Directions: Omitting all images, give the entries that follow again exactly as they read.

+ + +

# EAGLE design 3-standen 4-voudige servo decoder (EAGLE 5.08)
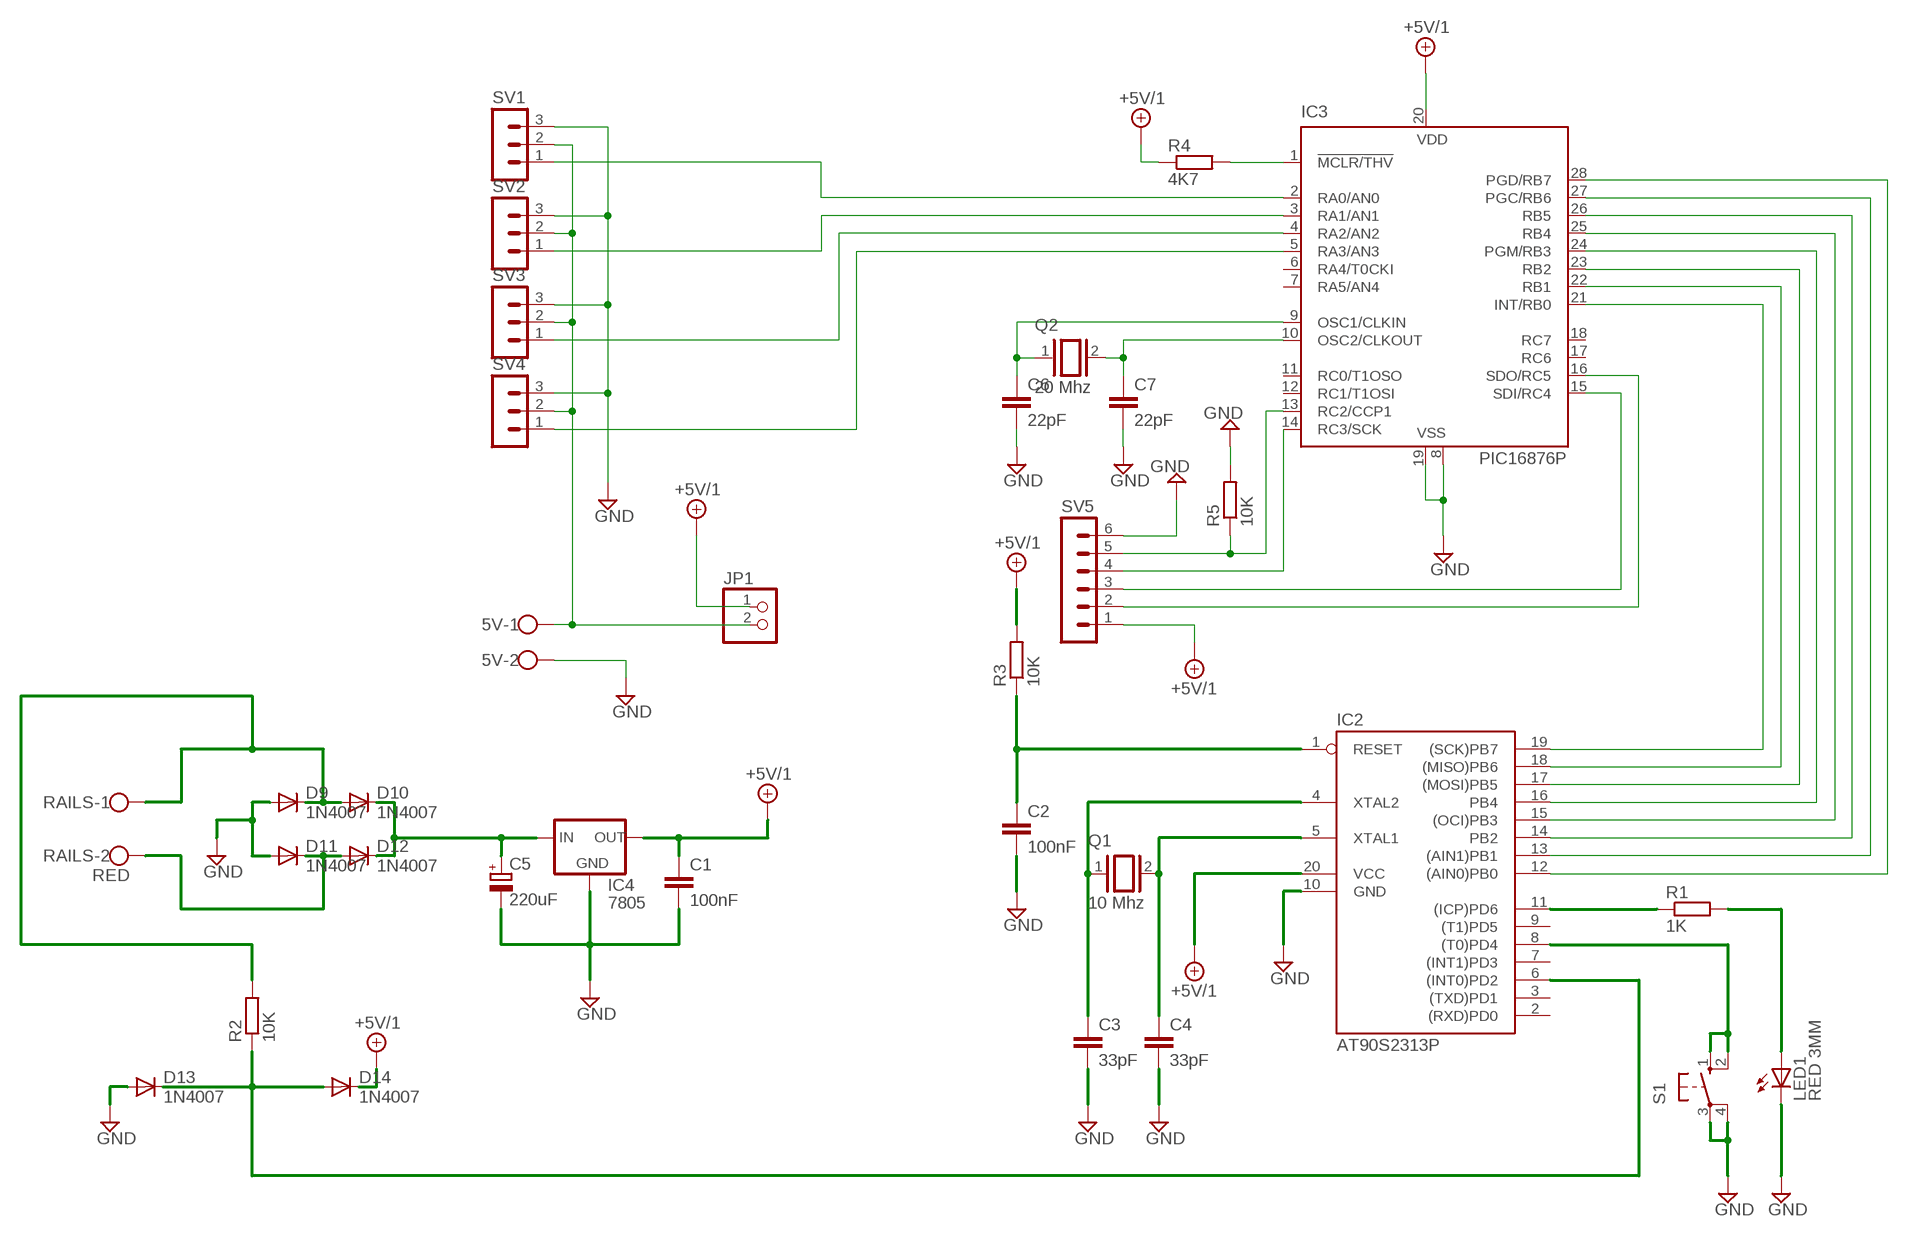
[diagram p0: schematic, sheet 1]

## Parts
5V  W237-102  [W237-102]
C1  100nF  C-EU025-025X050  [C025-025X050]
C2  100nF  C-EU025-025X050  [C025-025X050]
C3  33pF  C-EU025-025X050  [C025-025X050]
C4  33pF  C-EU025-025X050  [C025-025X050]
C5  220uF  CPOL-EUTT6D6  [TT5D6]
C6  22pF  C-EU025-025X050  [C025-025X050]
C7  22pF  C-EU025-025X050  [C025-025X050]
D9  1N4007  1N4148DO35-7  [DO35-7]
D10  1N4007  1N4148DO35-7  [DO35-7]
D11  1N4007  1N4148DO35-7  [DO35-7]
D12  1N4007  1N4148DO35-7  [DO35-7]
D13  1N4007  1N4148DO35-10  [DO35-10]
D14  1N4007  1N4148DO35-10  [DO35-10]
IC2  AT90S2313P  [DIL20]
IC3  PIC16876P  [DIL28-3]
IC4  7805  78MXXS  [78MXXS]
JP1  PINHD-1X2  [1X02]
LED1  RED 3MM  LED3MM  [LED3MM]
Q1  10 Mhz  XTAL/S  [QS]
Q2  20 Mhz  XTAL/S  [QS]
R1  1K  R-EU_0207/2V  [0207/2V]
R2  10K  R-EU_0204/5  [0204/5]
R3  10K  R-EU_0207/10  [0207/10]
R4  4K7  R-EU_0207/2V  [0207/2V]
R5  10K  R-EU_0207/2V  [0207/2V]
RAILS  RED  W237-102  [W237-102]
S1  10-XX  [B3F-10XX]
SV1  MA03-1  [MA03-1]
SV2  MA03-1  [MA03-1]
SV3  MA03-1  [MA03-1]
SV4  MA03-1  [MA03-1]
SV5  MA06-1  [MA06-1]

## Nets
+5V/1: C1.1 D14.C IC2.20(VCC) IC3.20(VDD) IC4.OUT JP1.1 R3.2 R4.1 SV5.1
GND: 5V.2 C1.2 C2.2 C3.2 C4.2 C5.- C6.2 C7.2 D9.A D11.A D13.A IC2.10(GND) IC3.8(VSS) IC3.19(VSS) IC4.GND LED1.K(C) R5.2 S1.3(P) S1.4(P1) SV1.3 SV2.3 SV3.3 SV4.3 SV5.6
N$1: IC2.19((SCK)PB7) IC3.21(INT/RB0)
N$2: IC2.18((MISO)PB6) IC3.22(RB1)
N$3: IC2.17((MOSI)PB5) IC3.23(RB2)
N$4: IC2.16(PB4) IC3.24(PGM/RB3)
N$5: IC2.15((OCI)PB3) IC3.25(RB4)
N$6: IC2.14(PB2) IC3.26(RB5)
N$7: IC2.13((AIN1)PB1) IC3.27(PGC/RB6)
N$8: IC2.12((AIN0)PB0) IC3.28(PGD/RB7)
N$9: C7.1 IC3.10(OSC2/CLKOUT) Q2.2
N$10: C6.1 IC3.9(OSC1/CLKIN) Q2.1
N$11: IC3.1(!MCLR/THV) R4.2
N$12: IC3.2(RA0/AN0) SV1.1
N$13: IC3.3(RA1/AN1) SV2.1
N$14: IC3.4(RA2/AN2) SV3.1
N$15: IC3.5(RA3/AN3) SV4.1
N$16: IC3.13(RC2/CCP1) R5.1 SV5.5
N$17: 5V.1 JP1.2 SV1.2 SV2.2 SV3.2 SV4.2
N$18: IC3.14(RC3/SCK) SV5.4
N$19: IC3.15(SDI/RC4) SV5.3
N$20: IC3.16(SDO/RC5) SV5.2
N$42: IC2.8((T0)PD4) S1.1(S) S1.2(S1)
N$43: C4.1 IC2.5(XTAL1) Q1.2
N$44: IC2.11((ICP)PD6) R1.1
N$45: LED1.A R1.2
N$46: D13.C D14.A IC2.6((INT0)PD2) R2.1
N$47: C5.+ D10.C D12.C IC4.IN
N$48: D9.C D10.A R2.2 RAILS.1
N$49: D11.C D12.A RAILS.2
N$50: C3.1 IC2.4(XTAL2) Q1.1
N$51: C2.1 IC2.1(RESET) R3.1
Unconnected: IC2.2((RXD)PD0) IC2.3((TXD)PD1) IC2.7((INT1)PD3) IC2.9((T1)PD5) IC3.6(RA4/T0CKI) IC3.7(RA5/AN4) IC3.11(RC0/T1OSO) IC3.12(RC1/T1OSI) IC3.17(RC6) IC3.18(RC7)

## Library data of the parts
5V RAILS = con-wago-500:W237-102: WAGO SCREW CLAMP
C1-C4 C6 C7 = rcl:C-EU: CAPACITOR, European symbol
C5 = rcl:CPOL-EU: POLARIZED CAPACITOR, European symbol
D9-D14 = diode:1N4148: DIODE
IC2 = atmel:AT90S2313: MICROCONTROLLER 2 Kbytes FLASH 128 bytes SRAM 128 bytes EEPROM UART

+ + +

Finished exercise:
# EAGLE design 3-standen 4-voudige servo decoder (EAGLE 5.08)
[diagram p0: schematic, sheet 1]

## Parts
5V  W237-102  [W237-102]
C1  100nF  C-EU025-025X050  [C025-025X050]
C2  100nF  C-EU025-025X050  [C025-025X050]
C3  33pF  C-EU025-025X050  [C025-025X050]
C4  33pF  C-EU025-025X050  [C025-025X050]
C5  220uF  CPOL-EUTT6D6  [TT5D6]
C6  22pF  C-EU025-025X050  [C025-025X050]
C7  22pF  C-EU025-025X050  [C025-025X050]
D9  1N4007  1N4148DO35-7  [DO35-7]
D10  1N4007  1N4148DO35-7  [DO35-7]
D11  1N4007  1N4148DO35-7  [DO35-7]
D12  1N4007  1N4148DO35-7  [DO35-7]
D13  1N4007  1N4148DO35-10  [DO35-10]
D14  1N4007  1N4148DO35-10  [DO35-10]
IC2  AT90S2313P  [DIL20]
IC3  PIC16876P  [DIL28-3]
IC4  7805  78MXXS  [78MXXS]
JP1  PINHD-1X2  [1X02]
LED1  RED 3MM  LED3MM  [LED3MM]
Q1  10 Mhz  XTAL/S  [QS]
Q2  20 Mhz  XTAL/S  [QS]
R1  1K  R-EU_0207/2V  [0207/2V]
R2  10K  R-EU_0204/5  [0204/5]
R3  10K  R-EU_0207/10  [0207/10]
R4  4K7  R-EU_0207/2V  [0207/2V]
R5  10K  R-EU_0207/2V  [0207/2V]
RAILS  RED  W237-102  [W237-102]
S1  10-XX  [B3F-10XX]
SV1  MA03-1  [MA03-1]
SV2  MA03-1  [MA03-1]
SV3  MA03-1  [MA03-1]
SV4  MA03-1  [MA03-1]
SV5  MA06-1  [MA06-1]

## Nets
+5V/1: C1.1 D14.C IC2.20(VCC) IC3.20(VDD) IC4.OUT JP1.1 R3.2 R4.1 SV5.1
GND: 5V.2 C1.2 C2.2 C3.2 C4.2 C5.- C6.2 C7.2 D9.A D11.A D13.A IC2.10(GND) IC3.8(VSS) IC3.19(VSS) IC4.GND LED1.K(C) R5.2 S1.3(P) S1.4(P1) SV1.3 SV2.3 SV3.3 SV4.3 SV5.6
N$1: IC2.19((SCK)PB7) IC3.21(INT/RB0)
N$2: IC2.18((MISO)PB6) IC3.22(RB1)
N$3: IC2.17((MOSI)PB5) IC3.23(RB2)
N$4: IC2.16(PB4) IC3.24(PGM/RB3)
N$5: IC2.15((OCI)PB3) IC3.25(RB4)
N$6: IC2.14(PB2) IC3.26(RB5)
N$7: IC2.13((AIN1)PB1) IC3.27(PGC/RB6)
N$8: IC2.12((AIN0)PB0) IC3.28(PGD/RB7)
N$9: C7.1 IC3.10(OSC2/CLKOUT) Q2.2
N$10: C6.1 IC3.9(OSC1/CLKIN) Q2.1
N$11: IC3.1(!MCLR/THV) R4.2
N$12: IC3.2(RA0/AN0) SV1.1
N$13: IC3.3(RA1/AN1) SV2.1
N$14: IC3.4(RA2/AN2) SV3.1
N$15: IC3.5(RA3/AN3) SV4.1
N$16: IC3.13(RC2/CCP1) R5.1 SV5.5
N$17: 5V.1 JP1.2 SV1.2 SV2.2 SV3.2 SV4.2
N$18: IC3.14(RC3/SCK) SV5.4
N$19: IC3.15(SDI/RC4) SV5.3
N$20: IC3.16(SDO/RC5) SV5.2
N$42: IC2.8((T0)PD4) S1.1(S) S1.2(S1)
N$43: C4.1 IC2.5(XTAL1) Q1.2
N$44: IC2.11((ICP)PD6) R1.1
N$45: LED1.A R1.2
N$46: D13.C D14.A IC2.6((INT0)PD2) R2.1
N$47: C5.+ D10.C D12.C IC4.IN
N$48: D9.C D10.A R2.2 RAILS.1
N$49: D11.C D12.A RAILS.2
N$50: C3.1 IC2.4(XTAL2) Q1.1
N$51: C2.1 IC2.1(RESET) R3.1
Unconnected: IC2.2((RXD)PD0) IC2.3((TXD)PD1) IC2.7((INT1)PD3) IC2.9((T1)PD5) IC3.6(RA4/T0CKI) IC3.7(RA5/AN4) IC3.11(RC0/T1OSO) IC3.12(RC1/T1OSI) IC3.17(RC6) IC3.18(RC7)

## Library data of the parts
5V RAILS = con-wago-500:W237-102: WAGO SCREW CLAMP
C1-C4 C6 C7 = rcl:C-EU: CAPACITOR, European symbol
C5 = rcl:CPOL-EU: POLARIZED CAPACITOR, European symbol
D9-D14 = diode:1N4148: DIODE
IC2 = atmel:AT90S2313: MICROCONTROLLER 2 Kbytes FLASH 128 bytes SRAM 128 bytes EEPROM UART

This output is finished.